10. Uniform Commercial Code Laws (UCC Laws)
The Uniform Commercial Code (UCC or the Code) is one of a number of uniform acts that have been disseminated in conjunction with efforts to harmonize the law of sales and other commercial transactions in all 50 states within the United States of America. This objective is deemed important because of the prevalence today of commercial transactions that extend beyond one state (for example, where the goods are manufactured in state A, warehoused in state B, sold from state C and delivered in state D). UCC laws deal primarily with transactions involving personal property (movable property), not real property (immovable property).

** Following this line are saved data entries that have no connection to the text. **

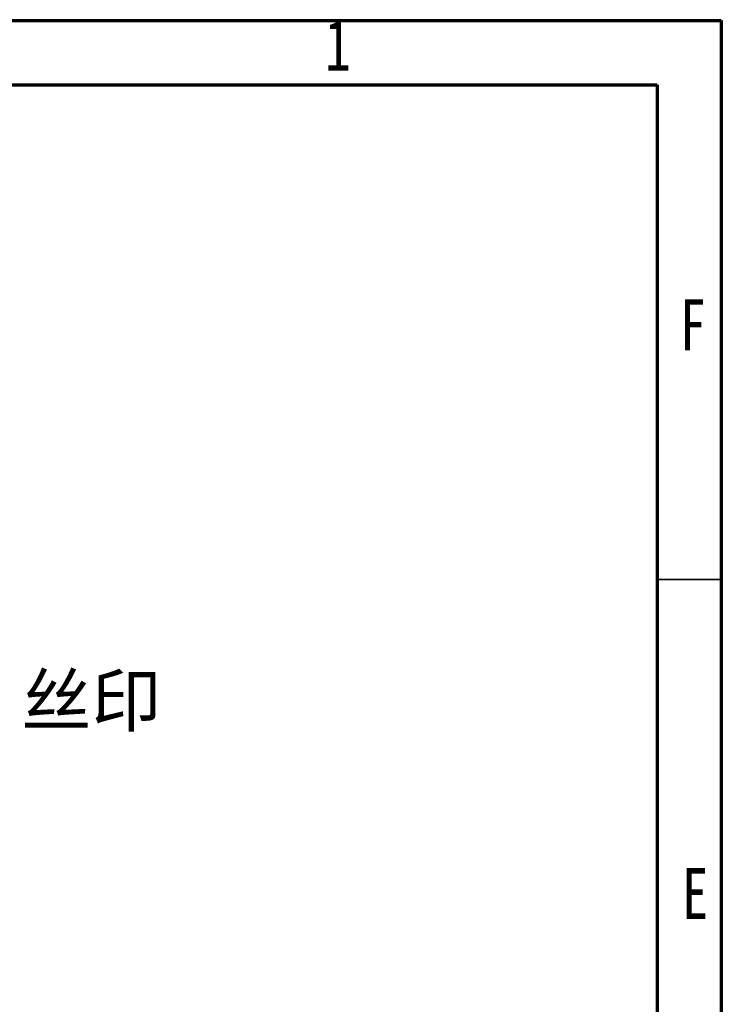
# Model space of a CAD drawing. Header units: millimetres. Extents: x 1643 to 1853, y 2203 to 2490.
# Tile 31 of 31: x 1798 to 1853, y 2413 to 2490. Entities that reach past the tile are written whole.
import ezdxf

# ---------------------------------------------------------------- set-up
doc = ezdxf.new("R2010")
doc.units = ezdxf.units.MM
doc.styles.add('SLDTEXTSTYLE2', font='TXT', dxfattribs={"width": 0.75})
doc.styles.add('黑体高度4mm', font='simhei.ttf', dxfattribs={"height": 4})

msp = doc.modelspace()

# ---------------------------------------------------------------- linework, layer by layer
at = {"color": 7, "linetype": 'Continuous', "lineweight": 70}
for p, q in [((1642.9605, 2489.7156), (1852.9605, 2489.7156)), ((1852.9605, 2489.7156), (1852.9605, 2202.7156)), ((1647.9605, 2484.7156), (1847.9605, 2484.7156)), ((1847.9605, 2484.7156), (1847.9605, 2207.7156))]:
    msp.add_line(p, q, dxfattribs=at)
at = {"color": 7, "linetype": 'Continuous', "lineweight": 35}
msp.add_line((1847.9605, 2446.2156), (1852.9605, 2446.2156), dxfattribs=at)

# ---------------------------------------------------------------- texts
at = {"color": 7, "linetype": 'Continuous', "lineweight": 0, "char_height": 3.9687, "attachment_point": 2, "style": 'SLDTEXTSTYLE2'}
for s, insert in [('1', (1823.1258, 2489.7757)), ('F', (1850.7499, 2468.0257)), ('E', (1850.9359, 2423.7757))]:
    msp.add_mtext(s, dxfattribs=dict(at, insert=insert))
at = {"insert": (1798.4864, 2438.8122), "char_height": 4, "attachment_point": 1, "style": '黑体高度4mm'}
msp.add_mtext_dynamic_manual_height_columns('丝印', width=17.717617, gutter_width=20, heights=[0], dxfattribs=at)

doc.saveas('drawing.dxf')

These laws or codes govern many subjects regarding such as sales, leases, contracts and securities. They govern transactions that are paid by personal or corporate check.
There are many state adaptations and variations to the federal law which cover addendums and legal stipulations when satisfying a debt.
11. Fair Debt Collection Practices Act (FDCPA)
The fair debt collection practices act offers protection from illegal and unethical debt collection tactics. It also contains the rules for penalties that can be levied. The FDCPA also notes when state law can override federal law when it comes to collection or credit disputes.
The FDCPA restricts debt collectors from engaging in conduct including the following:
- Contacting a third party who does not owe the debt, such as a relative, neighbor, or your employer. Co-signers to the debt, however, may be contacted by the debt collector;
- Threatening to refer your account to an attorney, harm your credit rating, repossession or garnishment, without actual intention of action on the threat. Please note that a debt collector may warn you of an actual impending intention to refer your case to an attorney or to report your debt to a credit agency. What they cannot do is use a false threat to try to intimidate you into paying;
- Making repeated telephone calls or telephone calls at unreasonable times. The act defines unreasonable times as contact before 8:00 AM or after 9:00 PM, unless you have given the debt collector permission to contact you during those hours;
- Placing telephone calls to an inconvenient place. For example, contacting you at work in violation of a policy by your employer that is known to the debt collector or following a request by you that they not contact you at work;
- When placing a telephone call to you at work, informing your employer of the purpose of the call, unless first asked by the employer;
- Using obscenity, racial slurs or insults;
- Sending letters which appear to have come from a court;
- Seeking collection fees or interest charges not permitted by your contract or by state law;
- Requesting post-dated checks with the intention to prosecute if they bounce;
- Suing in courts far removed from your place of residence;
- Making certain false representations in association with efforts to collect the debt, including the false claim that the person contacting you in relation to the debt is an attorney, falsely claiming to have started a lawsuit, using a false name, or using stationery that is designed to look like an official court or government communication;
- Using false claims to collect information about the debtor, such as pretending to be conducting a survey;
- Threatening you with arrest if you do not pay the debt.